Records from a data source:
============

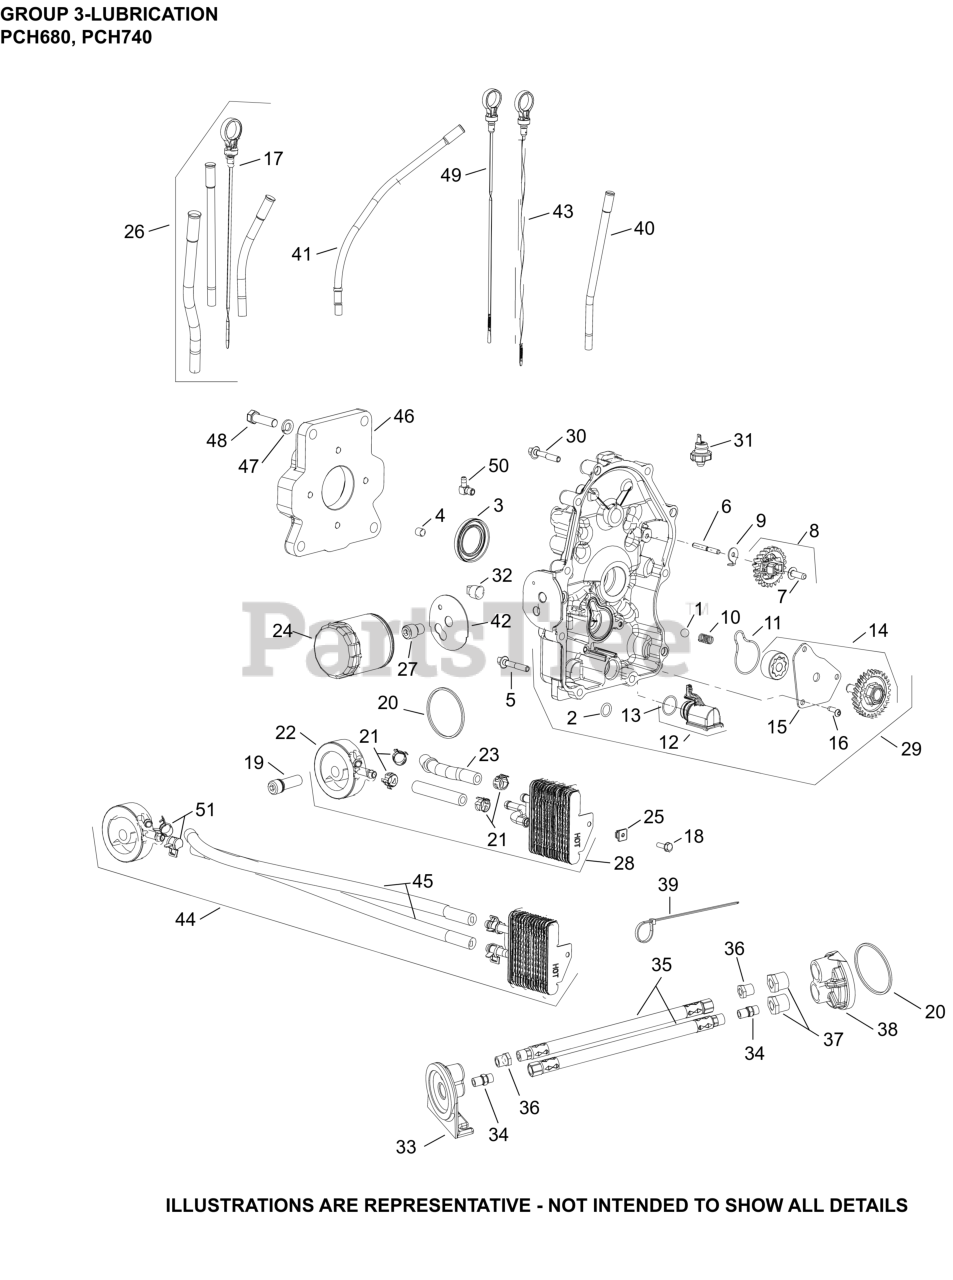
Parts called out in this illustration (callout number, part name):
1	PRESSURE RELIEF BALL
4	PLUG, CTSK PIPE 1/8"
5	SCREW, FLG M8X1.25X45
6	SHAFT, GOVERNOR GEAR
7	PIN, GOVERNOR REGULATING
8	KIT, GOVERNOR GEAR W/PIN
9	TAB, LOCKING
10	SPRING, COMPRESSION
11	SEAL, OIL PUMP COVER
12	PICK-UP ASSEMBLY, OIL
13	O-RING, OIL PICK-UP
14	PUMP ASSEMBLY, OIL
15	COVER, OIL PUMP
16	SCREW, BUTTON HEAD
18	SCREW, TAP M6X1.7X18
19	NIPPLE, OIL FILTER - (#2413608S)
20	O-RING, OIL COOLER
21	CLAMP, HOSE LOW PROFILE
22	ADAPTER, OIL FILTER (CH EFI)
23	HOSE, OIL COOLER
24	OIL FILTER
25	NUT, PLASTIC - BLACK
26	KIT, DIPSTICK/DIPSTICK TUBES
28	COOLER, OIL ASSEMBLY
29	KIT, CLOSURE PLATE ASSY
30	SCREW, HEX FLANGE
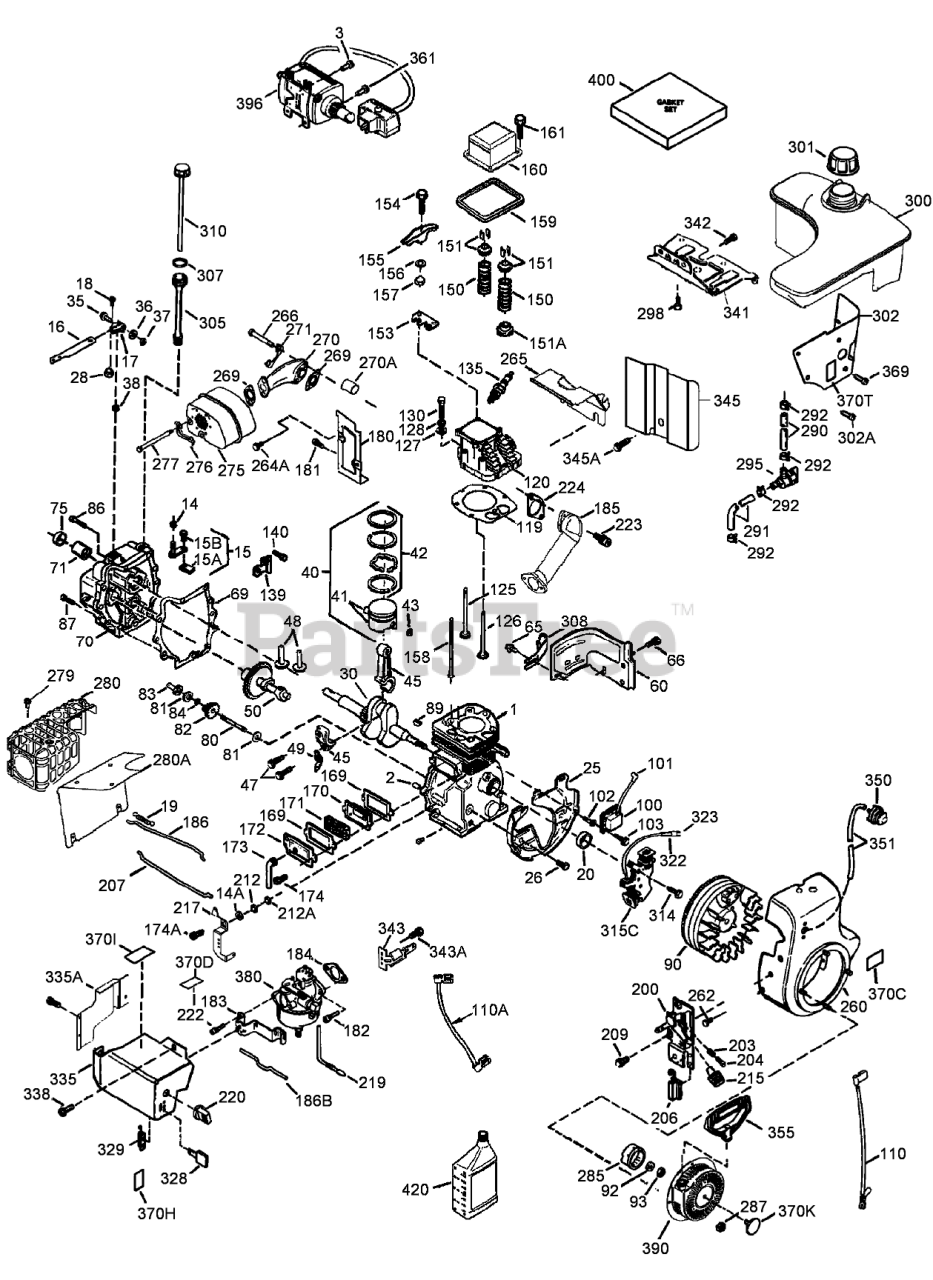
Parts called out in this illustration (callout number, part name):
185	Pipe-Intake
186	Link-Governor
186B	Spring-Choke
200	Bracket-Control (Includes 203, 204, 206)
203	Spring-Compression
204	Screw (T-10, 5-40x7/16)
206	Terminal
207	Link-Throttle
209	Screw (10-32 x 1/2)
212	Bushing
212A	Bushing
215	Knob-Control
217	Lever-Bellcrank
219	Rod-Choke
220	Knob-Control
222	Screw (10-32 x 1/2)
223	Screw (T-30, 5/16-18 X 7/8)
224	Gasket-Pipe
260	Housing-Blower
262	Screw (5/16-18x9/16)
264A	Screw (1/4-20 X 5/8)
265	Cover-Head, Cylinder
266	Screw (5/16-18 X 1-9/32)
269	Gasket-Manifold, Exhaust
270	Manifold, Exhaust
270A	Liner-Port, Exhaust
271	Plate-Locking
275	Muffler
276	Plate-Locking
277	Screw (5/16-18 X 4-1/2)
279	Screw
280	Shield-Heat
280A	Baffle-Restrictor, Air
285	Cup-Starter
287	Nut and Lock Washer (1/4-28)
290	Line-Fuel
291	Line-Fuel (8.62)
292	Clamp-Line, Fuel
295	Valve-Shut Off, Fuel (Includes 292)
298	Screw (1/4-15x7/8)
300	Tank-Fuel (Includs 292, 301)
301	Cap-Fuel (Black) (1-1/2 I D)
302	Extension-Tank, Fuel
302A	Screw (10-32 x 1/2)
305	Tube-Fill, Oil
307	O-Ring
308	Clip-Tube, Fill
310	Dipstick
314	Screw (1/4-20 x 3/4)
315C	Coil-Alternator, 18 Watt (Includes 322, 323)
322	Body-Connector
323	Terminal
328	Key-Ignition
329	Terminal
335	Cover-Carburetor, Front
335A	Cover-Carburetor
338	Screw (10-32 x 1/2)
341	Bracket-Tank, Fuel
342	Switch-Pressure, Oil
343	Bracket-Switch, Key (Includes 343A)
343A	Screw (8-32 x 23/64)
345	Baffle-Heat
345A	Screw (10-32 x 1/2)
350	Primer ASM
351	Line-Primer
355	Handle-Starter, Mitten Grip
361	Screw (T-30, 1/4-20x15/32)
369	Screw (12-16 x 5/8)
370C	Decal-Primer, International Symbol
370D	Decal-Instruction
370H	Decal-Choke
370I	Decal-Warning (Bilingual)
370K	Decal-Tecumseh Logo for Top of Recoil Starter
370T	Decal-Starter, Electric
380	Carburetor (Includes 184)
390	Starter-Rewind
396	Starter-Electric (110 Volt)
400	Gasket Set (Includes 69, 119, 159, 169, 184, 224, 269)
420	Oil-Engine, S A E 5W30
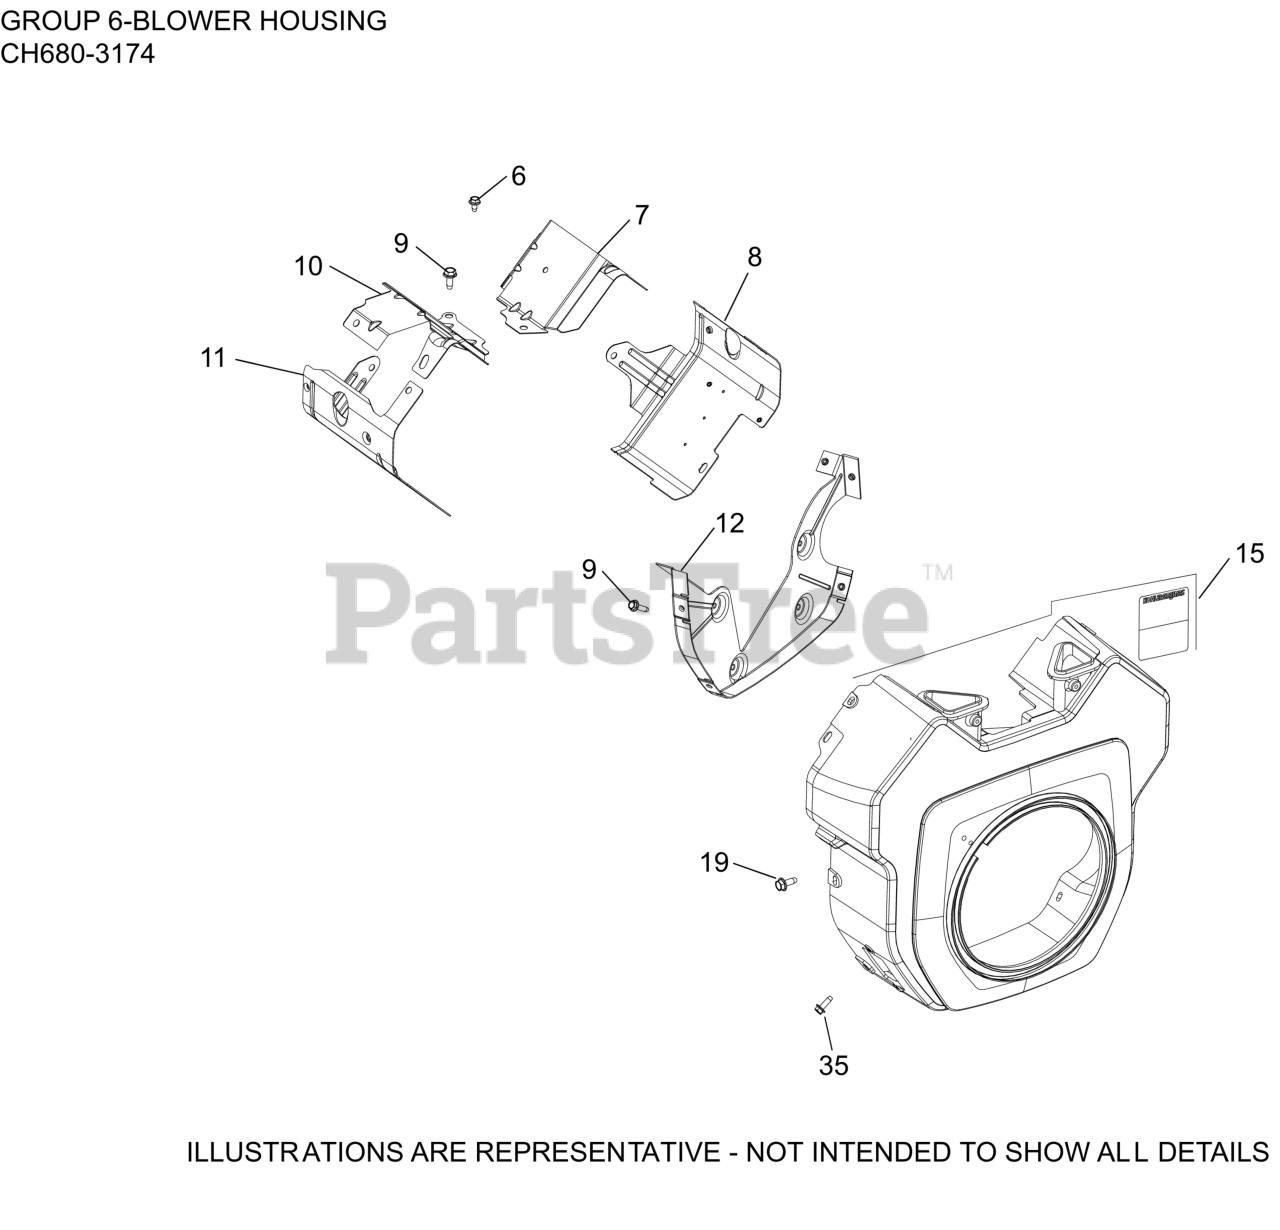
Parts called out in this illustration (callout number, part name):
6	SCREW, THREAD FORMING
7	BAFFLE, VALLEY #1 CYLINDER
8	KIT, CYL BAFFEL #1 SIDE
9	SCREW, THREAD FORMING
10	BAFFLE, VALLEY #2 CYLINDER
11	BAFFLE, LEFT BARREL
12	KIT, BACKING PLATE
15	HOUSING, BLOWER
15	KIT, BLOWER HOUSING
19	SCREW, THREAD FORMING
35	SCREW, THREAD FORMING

============

Exercise:
Write the entries above out again exactly, but not the pictures.

Solution to this exercise:
Parts called out in this illustration (callout number, part name):
1	PRESSURE RELIEF BALL
4	PLUG, CTSK PIPE 1/8"
5	SCREW, FLG M8X1.25X45
6	SHAFT, GOVERNOR GEAR
7	PIN, GOVERNOR REGULATING
8	KIT, GOVERNOR GEAR W/PIN
9	TAB, LOCKING
10	SPRING, COMPRESSION
11	SEAL, OIL PUMP COVER
12	PICK-UP ASSEMBLY, OIL
13	O-RING, OIL PICK-UP
14	PUMP ASSEMBLY, OIL
15	COVER, OIL PUMP
16	SCREW, BUTTON HEAD
18	SCREW, TAP M6X1.7X18
19	NIPPLE, OIL FILTER - (#2413608S)
20	O-RING, OIL COOLER
21	CLAMP, HOSE LOW PROFILE
22	ADAPTER, OIL FILTER (CH EFI)
23	HOSE, OIL COOLER
24	OIL FILTER
25	NUT, PLASTIC - BLACK
26	KIT, DIPSTICK/DIPSTICK TUBES
28	COOLER, OIL ASSEMBLY
29	KIT, CLOSURE PLATE ASSY
30	SCREW, HEX FLANGE
Parts called out in this illustration (callout number, part name):
185	Pipe-Intake
186	Link-Governor
186B	Spring-Choke
200	Bracket-Control (Includes 203, 204, 206)
203	Spring-Compression
204	Screw (T-10, 5-40x7/16)
206	Terminal
207	Link-Throttle
209	Screw (10-32 x 1/2)
212	Bushing
212A	Bushing
215	Knob-Control
217	Lever-Bellcrank
219	Rod-Choke
220	Knob-Control
222	Screw (10-32 x 1/2)
223	Screw (T-30, 5/16-18 X 7/8)
224	Gasket-Pipe
260	Housing-Blower
262	Screw (5/16-18x9/16)
264A	Screw (1/4-20 X 5/8)
265	Cover-Head, Cylinder
266	Screw (5/16-18 X 1-9/32)
269	Gasket-Manifold, Exhaust
270	Manifold, Exhaust
270A	Liner-Port, Exhaust
271	Plate-Locking
275	Muffler
276	Plate-Locking
277	Screw (5/16-18 X 4-1/2)
279	Screw
280	Shield-Heat
280A	Baffle-Restrictor, Air
285	Cup-Starter
287	Nut and Lock Washer (1/4-28)
290	Line-Fuel
291	Line-Fuel (8.62)
292	Clamp-Line, Fuel
295	Valve-Shut Off, Fuel (Includes 292)
298	Screw (1/4-15x7/8)
300	Tank-Fuel (Includs 292, 301)
301	Cap-Fuel (Black) (1-1/2 I D)
302	Extension-Tank, Fuel
302A	Screw (10-32 x 1/2)
305	Tube-Fill, Oil
307	O-Ring
308	Clip-Tube, Fill
310	Dipstick
314	Screw (1/4-20 x 3/4)
315C	Coil-Alternator, 18 Watt (Includes 322, 323)
322	Body-Connector
323	Terminal
328	Key-Ignition
329	Terminal
335	Cover-Carburetor, Front
335A	Cover-Carburetor
338	Screw (10-32 x 1/2)
341	Bracket-Tank, Fuel
342	Switch-Pressure, Oil
343	Bracket-Switch, Key (Includes 343A)
343A	Screw (8-32 x 23/64)
345	Baffle-Heat
345A	Screw (10-32 x 1/2)
350	Primer ASM
351	Line-Primer
355	Handle-Starter, Mitten Grip
361	Screw (T-30, 1/4-20x15/32)
369	Screw (12-16 x 5/8)
370C	Decal-Primer, International Symbol
370D	Decal-Instruction
370H	Decal-Choke
370I	Decal-Warning (Bilingual)
370K	Decal-Tecumseh Logo for Top of Recoil Starter
370T	Decal-Starter, Electric
380	Carburetor (Includes 184)
390	Starter-Rewind
396	Starter-Electric (110 Volt)
400	Gasket Set (Includes 69, 119, 159, 169, 184, 224, 269)
420	Oil-Engine, S A E 5W30
Parts called out in this illustration (callout number, part name):
6	SCREW, THREAD FORMING
7	BAFFLE, VALLEY #1 CYLINDER
8	KIT, CYL BAFFEL #1 SIDE
9	SCREW, THREAD FORMING
10	BAFFLE, VALLEY #2 CYLINDER
11	BAFFLE, LEFT BARREL
12	KIT, BACKING PLATE
15	HOUSING, BLOWER
15	KIT, BLOWER HOUSING
19	SCREW, THREAD FORMING
35	SCREW, THREAD FORMING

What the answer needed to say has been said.